# A/V Receiver suggestions for KEF Q900/Q600/Q300, etc .. ?



## ahmadka (Nov 27, 2010)

Hi all .. I need A/V Receiver suggestions for use in my HT room ...

I'll most probably be using the following KEF speakers for a 7 channel configuration: 2x Q900, Q600c, 2x Q300, 2x Q800DS ..

I got dual PSA XV15 for subs ..

And my room is about 18 feet x 22 feet ..

My main use for this room with be for movies and TV shows, although I may also occasionally play PS4, etc .. Music doesn't come in this room's usage though .. My primary front seating in the room is about 14 feet away from the projector screen ..

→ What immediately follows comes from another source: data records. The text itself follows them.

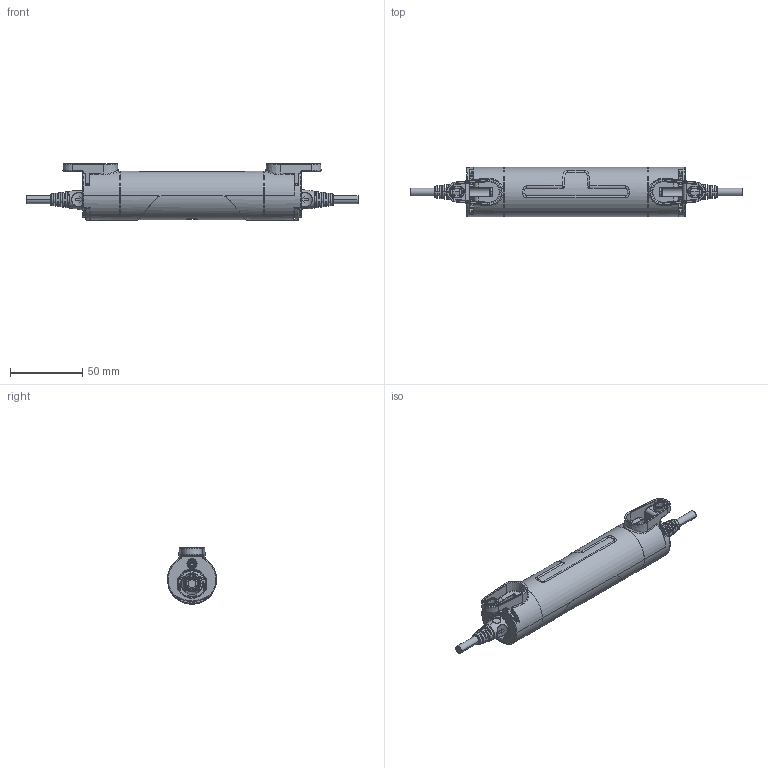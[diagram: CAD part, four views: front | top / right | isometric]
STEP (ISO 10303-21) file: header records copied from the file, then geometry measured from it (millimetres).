
FILE_DESCRIPTION((''),'2;1');
FILE_NAME('0830626','2018-05-29T11:01:11',('hat'),(''),'CREO PARAMETRIC BY PTC INC, 2017260','CREO PARAMETRIC BY PTC INC, 2017260','');
FILE_SCHEMA(('AUTOMOTIVE_DESIGN { 1 0 10303 214 1 1 1 1 }'));
Products named in the file (1): 0830626
Bounding box: 230.1 x 34 x 39 mm (x, y, z)
Volume: 136501.1 mm3; surface area: 32644.2 mm2
Topology: 1 solids, 5 shells, 2985 faces, 7959 edges, 5020 vertices
Faces by surface type: plane 1630, cylinder 697, torus 286, bspline 180, sphere 82, cone 62, extrusion 48
Entity records: 119117 total; most frequent: CARTESIAN_POINT 31349, ORIENTED_EDGE 15874, DIRECTION 14204, EDGE_CURVE 7937, VECTOR 5200, LINE 5152, VERTEX_POINT 5020, AXIS2_PLACEMENT_3D 4502

Onkyo NR818 was one A/V Receiver I was considering, but this is solely because its generally recommended .. I have no idea if it will be able to drive these speakers/subs in an 18 feet x 22 feet or not ..

So need suggestions


----------



## ahmadka (Nov 27, 2010)

Onkyo NR818 I now feel probably just doesn't have enough juice to drive those speakers at higher volumes in my 18x22 feet room ..

So here's a new list:

Onkyo-929
Denon-X4000
Denon-X4311ci
Marantz SR7007

First 3 are more preferred as they have XT32 .. I don't necessarily need 9 channels right now, but I wonder which is more recommended for an 18 x 22 feet room, between the two Denon's I've listed ..

Better control for dual subs makes the Denon-X4000 stand out here .. Not sure if Denon 4311 also has this feature or not ..

Need your advice people ! ..


----------



## ahmadka (Nov 27, 2010)

Anyone ... ?


----------



## tonyvdb (Sep 5, 2007)

The Onkyo 929 and 818 have identical amplification sections. either one would have no issues driving your speakers. The Denon X4000 has a less powerful amp section


----------